▸ Exercise instructions: Reproduce every record verbatim but drop the pictures.
== Source data ==
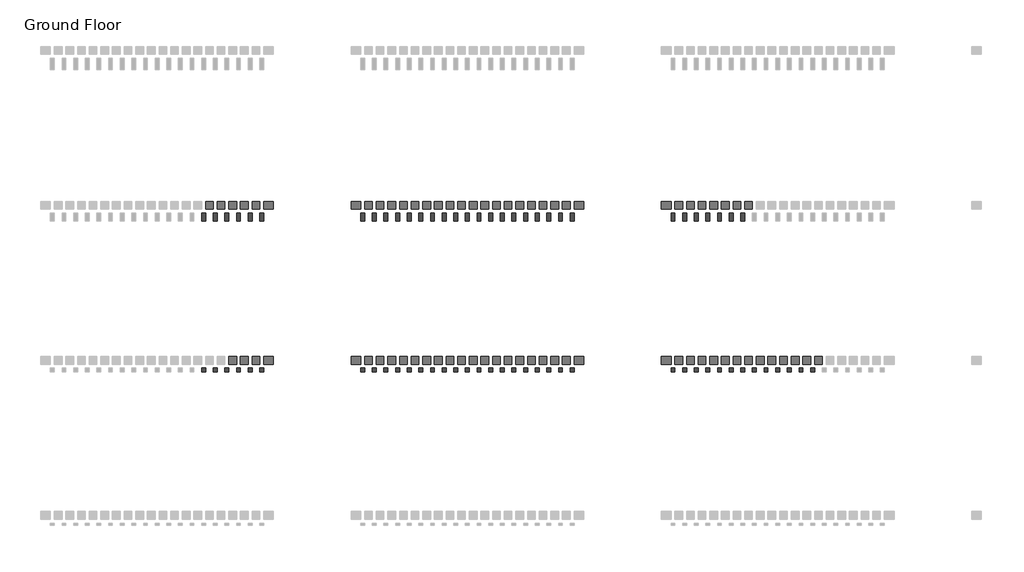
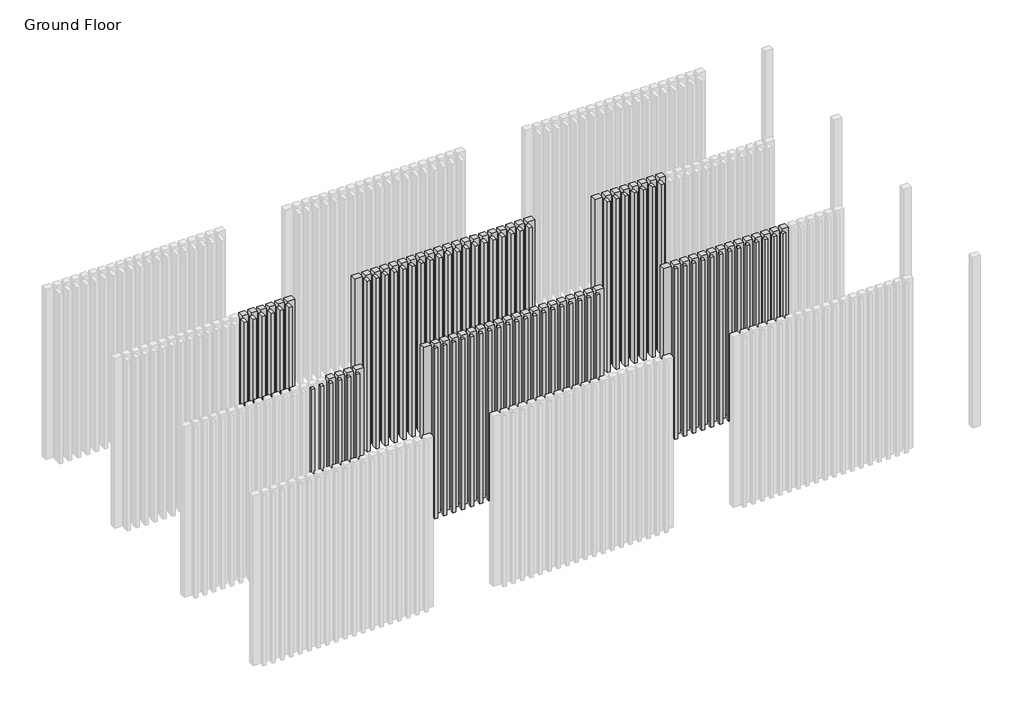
# One storey, part 14 of 350: 72 plates, 70 members.
"""IFC4 building model written with IfcOpenShell, lengths in millimetres."""

from ifc_helpers import new_model, si_unit, origin, place, context, project, spatial, transform, mapped, element, save
from components import rectangular_mullion_1e7650be, rectangular_mullion_e9fc8109, empty_system_panel_empty_a8601f27, empty_system_panel_empty_23ba90fe, empty_system_panel_empty_02e968fa

model = new_model("IFC4")

# Units and contexts
model_context = context("Model", 3, world=origin())
ifc_project = project(units=[si_unit("LENGTHUNIT", "METRE", prefix="MILLI")], contexts=[model_context])

# Site, building, storey
site = spatial("IfcSite", under=ifc_project)
building = spatial("IfcBuilding", under=site)
storey = spatial("IfcBuildingStorey", under=building, Name="Ground Floor", Elevation=0.0)

# Members
placement = place(None, origin())
rectangular_mullion_shape = rectangular_mullion_1e7650be(model_context)
element("IfcMember", 1, ObjectType="Rectangular Mullion : Batten_Aluminium_Modinex_AluBatten_50x50_Cedar", at=placement, inside=storey, context=model_context, shape_type="MappedRepresentation", body=[
    mapped(rectangular_mullion_shape, transform((8016.4361642, 20968.2978302, 0.0), x_axis=(1.0, 0.0, 0.0), y_axis=(0.0, -1.0, 0.0), z_axis=(0.0, 0.0, -1.0))),
])
element("IfcMember", 2, ObjectType="Rectangular Mullion : Batten_Aluminium_Modinex_AluBatten_50x50_Cedar", at=placement, inside=storey, context=model_context, shape_type="MappedRepresentation", body=[
    mapped(rectangular_mullion_shape, transform((8166.4361642, 20968.2978302, 0.0), x_axis=(1.0, 0.0, 0.0), y_axis=(0.0, -1.0, 0.0), z_axis=(0.0, 0.0, -1.0))),
])
element("IfcMember", 3, ObjectType="Rectangular Mullion : Batten_Aluminium_Modinex_AluBatten_50x50_Cedar", at=placement, inside=storey, context=model_context, shape_type="MappedRepresentation", body=[
    mapped(rectangular_mullion_shape, transform((8316.4361642, 20968.2978302, 0.0), x_axis=(1.0, 0.0, 0.0), y_axis=(0.0, -1.0, 0.0), z_axis=(0.0, 0.0, -1.0))),
])
element("IfcMember", 4, ObjectType="Rectangular Mullion : Batten_Aluminium_Modinex_AluBatten_50x50_Cedar", at=placement, inside=storey, context=model_context, shape_type="MappedRepresentation", body=[
    mapped(rectangular_mullion_shape, transform((8466.4361642, 20968.2978302, 0.0), x_axis=(1.0, 0.0, 0.0), y_axis=(0.0, -1.0, 0.0), z_axis=(0.0, 0.0, -1.0))),
])
element("IfcMember", 5, ObjectType="Rectangular Mullion : Batten_Aluminium_Modinex_AluBatten_50x50_Cedar", at=placement, inside=storey, context=model_context, shape_type="MappedRepresentation", body=[
    mapped(rectangular_mullion_shape, transform((8616.4361642, 20968.2978302, 0.0), x_axis=(1.0, 0.0, 0.0), y_axis=(0.0, -1.0, 0.0), z_axis=(0.0, 0.0, -1.0))),
])
element("IfcMember", 6, ObjectType="Rectangular Mullion : Batten_Aluminium_Modinex_AluBatten_50x50_Cedar", at=placement, inside=storey, context=model_context, shape_type="MappedRepresentation", body=[
    mapped(rectangular_mullion_shape, transform((8766.4361642, 20968.2978302, 0.0), x_axis=(1.0, 0.0, 0.0), y_axis=(0.0, -1.0, 0.0), z_axis=(0.0, 0.0, -1.0))),
])
rectangular_mullion_2_shape = rectangular_mullion_e9fc8109(model_context)
element("IfcMember", 7, ObjectType="Rectangular Mullion : Batten_Aluminium_Modinex_AluBatten_50x100_EnglishOak", at=placement, inside=storey, context=model_context, shape_type="MappedRepresentation", body=[
    mapped(rectangular_mullion_2_shape, transform((10066.4361642, 22968.2978302, 0.0), x_axis=(1.0, 0.0, 0.0), y_axis=(0.0, -1.0, 0.0), z_axis=(0.0, 0.0, -1.0))),
])
element("IfcMember", 8, ObjectType="Rectangular Mullion : Batten_Aluminium_Modinex_AluBatten_50x100_EnglishOak", at=placement, inside=storey, context=model_context, shape_type="MappedRepresentation", body=[
    mapped(rectangular_mullion_2_shape, transform((10216.4361642, 22968.2978302, 0.0), x_axis=(1.0, 0.0, 0.0), y_axis=(0.0, -1.0, 0.0), z_axis=(0.0, 0.0, -1.0))),
])
element("IfcMember", 9, ObjectType="Rectangular Mullion : Batten_Aluminium_Modinex_AluBatten_50x100_EnglishOak", at=placement, inside=storey, context=model_context, shape_type="MappedRepresentation", body=[
    mapped(rectangular_mullion_2_shape, transform((10366.4361642, 22968.2978302, 0.0), x_axis=(1.0, 0.0, 0.0), y_axis=(0.0, -1.0, 0.0), z_axis=(0.0, 0.0, -1.0))),
])
element("IfcMember", 10, ObjectType="Rectangular Mullion : Batten_Aluminium_Modinex_AluBatten_50x100_EnglishOak", at=placement, inside=storey, context=model_context, shape_type="MappedRepresentation", body=[
    mapped(rectangular_mullion_2_shape, transform((10516.4361642, 22968.2978302, 0.0), x_axis=(1.0, 0.0, 0.0), y_axis=(0.0, -1.0, 0.0), z_axis=(0.0, 0.0, -1.0))),
])
element("IfcMember", 11, ObjectType="Rectangular Mullion : Batten_Aluminium_Modinex_AluBatten_50x100_EnglishOak", at=placement, inside=storey, context=model_context, shape_type="MappedRepresentation", body=[
    mapped(rectangular_mullion_2_shape, transform((10666.4361642, 22968.2978302, 0.0), x_axis=(1.0, 0.0, 0.0), y_axis=(0.0, -1.0, 0.0), z_axis=(0.0, 0.0, -1.0))),
])
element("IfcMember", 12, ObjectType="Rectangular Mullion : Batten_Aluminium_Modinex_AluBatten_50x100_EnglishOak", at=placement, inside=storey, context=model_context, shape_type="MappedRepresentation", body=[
===
▸ Exercise answer:
# One storey, part 14 of 350: 72 plates, 70 members.
"""IFC4 building model written with IfcOpenShell, lengths in millimetres."""

from ifc_helpers import new_model, si_unit, origin, place, context, project, spatial, transform, mapped, element, save
from components import rectangular_mullion_1e7650be, rectangular_mullion_e9fc8109, empty_system_panel_empty_a8601f27, empty_system_panel_empty_23ba90fe, empty_system_panel_empty_02e968fa

model = new_model("IFC4")

# Units and contexts
model_context = context("Model", 3, world=origin())
ifc_project = project(units=[si_unit("LENGTHUNIT", "METRE", prefix="MILLI")], contexts=[model_context])

# Site, building, storey
site = spatial("IfcSite", under=ifc_project)
building = spatial("IfcBuilding", under=site)
storey = spatial("IfcBuildingStorey", under=building, Name="Ground Floor", Elevation=0.0)

# Members
placement = place(None, origin())
rectangular_mullion_shape = rectangular_mullion_1e7650be(model_context)
element("IfcMember", 1, ObjectType="Rectangular Mullion : Batten_Aluminium_Modinex_AluBatten_50x50_Cedar", at=placement, inside=storey, context=model_context, shape_type="MappedRepresentation", body=[
    mapped(rectangular_mullion_shape, transform((8016.4361642, 20968.2978302, 0.0), x_axis=(1.0, 0.0, 0.0), y_axis=(0.0, -1.0, 0.0), z_axis=(0.0, 0.0, -1.0))),
])
element("IfcMember", 2, ObjectType="Rectangular Mullion : Batten_Aluminium_Modinex_AluBatten_50x50_Cedar", at=placement, inside=storey, context=model_context, shape_type="MappedRepresentation", body=[
    mapped(rectangular_mullion_shape, transform((8166.4361642, 20968.2978302, 0.0), x_axis=(1.0, 0.0, 0.0), y_axis=(0.0, -1.0, 0.0), z_axis=(0.0, 0.0, -1.0))),
])
element("IfcMember", 3, ObjectType="Rectangular Mullion : Batten_Aluminium_Modinex_AluBatten_50x50_Cedar", at=placement, inside=storey, context=model_context, shape_type="MappedRepresentation", body=[
    mapped(rectangular_mullion_shape, transform((8316.4361642, 20968.2978302, 0.0), x_axis=(1.0, 0.0, 0.0), y_axis=(0.0, -1.0, 0.0), z_axis=(0.0, 0.0, -1.0))),
])
element("IfcMember", 4, ObjectType="Rectangular Mullion : Batten_Aluminium_Modinex_AluBatten_50x50_Cedar", at=placement, inside=storey, context=model_context, shape_type="MappedRepresentation", body=[
    mapped(rectangular_mullion_shape, transform((8466.4361642, 20968.2978302, 0.0), x_axis=(1.0, 0.0, 0.0), y_axis=(0.0, -1.0, 0.0), z_axis=(0.0, 0.0, -1.0))),
])
element("IfcMember", 5, ObjectType="Rectangular Mullion : Batten_Aluminium_Modinex_AluBatten_50x50_Cedar", at=placement, inside=storey, context=model_context, shape_type="MappedRepresentation", body=[
    mapped(rectangular_mullion_shape, transform((8616.4361642, 20968.2978302, 0.0), x_axis=(1.0, 0.0, 0.0), y_axis=(0.0, -1.0, 0.0), z_axis=(0.0, 0.0, -1.0))),
])
element("IfcMember", 6, ObjectType="Rectangular Mullion : Batten_Aluminium_Modinex_AluBatten_50x50_Cedar", at=placement, inside=storey, context=model_context, shape_type="MappedRepresentation", body=[
    mapped(rectangular_mullion_shape, transform((8766.4361642, 20968.2978302, 0.0), x_axis=(1.0, 0.0, 0.0), y_axis=(0.0, -1.0, 0.0), z_axis=(0.0, 0.0, -1.0))),
])
rectangular_mullion_2_shape = rectangular_mullion_e9fc8109(model_context)
element("IfcMember", 7, ObjectType="Rectangular Mullion : Batten_Aluminium_Modinex_AluBatten_50x100_EnglishOak", at=placement, inside=storey, context=model_context, shape_type="MappedRepresentation", body=[
    mapped(rectangular_mullion_2_shape, transform((10066.4361642, 22968.2978302, 0.0), x_axis=(1.0, 0.0, 0.0), y_axis=(0.0, -1.0, 0.0), z_axis=(0.0, 0.0, -1.0))),
])
element("IfcMember", 8, ObjectType="Rectangular Mullion : Batten_Aluminium_Modinex_AluBatten_50x100_EnglishOak", at=placement, inside=storey, context=model_context, shape_type="MappedRepresentation", body=[
    mapped(rectangular_mullion_2_shape, transform((10216.4361642, 22968.2978302, 0.0), x_axis=(1.0, 0.0, 0.0), y_axis=(0.0, -1.0, 0.0), z_axis=(0.0, 0.0, -1.0))),
])
element("IfcMember", 9, ObjectType="Rectangular Mullion : Batten_Aluminium_Modinex_AluBatten_50x100_EnglishOak", at=placement, inside=storey, context=model_context, shape_type="MappedRepresentation", body=[
    mapped(rectangular_mullion_2_shape, transform((10366.4361642, 22968.2978302, 0.0), x_axis=(1.0, 0.0, 0.0), y_axis=(0.0, -1.0, 0.0), z_axis=(0.0, 0.0, -1.0))),
])
element("IfcMember", 10, ObjectType="Rectangular Mullion : Batten_Aluminium_Modinex_AluBatten_50x100_EnglishOak", at=placement, inside=storey, context=model_context, shape_type="MappedRepresentation", body=[
    mapped(rectangular_mullion_2_shape, transform((10516.4361642, 22968.2978302, 0.0), x_axis=(1.0, 0.0, 0.0), y_axis=(0.0, -1.0, 0.0), z_axis=(0.0, 0.0, -1.0))),
])
element("IfcMember", 11, ObjectType="Rectangular Mullion : Batten_Aluminium_Modinex_AluBatten_50x100_EnglishOak", at=placement, inside=storey, context=model_context, shape_type="MappedRepresentation", body=[
    mapped(rectangular_mullion_2_shape, transform((10666.4361642, 22968.2978302, 0.0), x_axis=(1.0, 0.0, 0.0), y_axis=(0.0, -1.0, 0.0), z_axis=(0.0, 0.0, -1.0))),
])
element("IfcMember", 12, ObjectType="Rectangular Mullion : Batten_Aluminium_Modinex_AluBatten_50x100_EnglishOak", at=placement, inside=storey, context=model_context, shape_type="MappedRepresentation", body=[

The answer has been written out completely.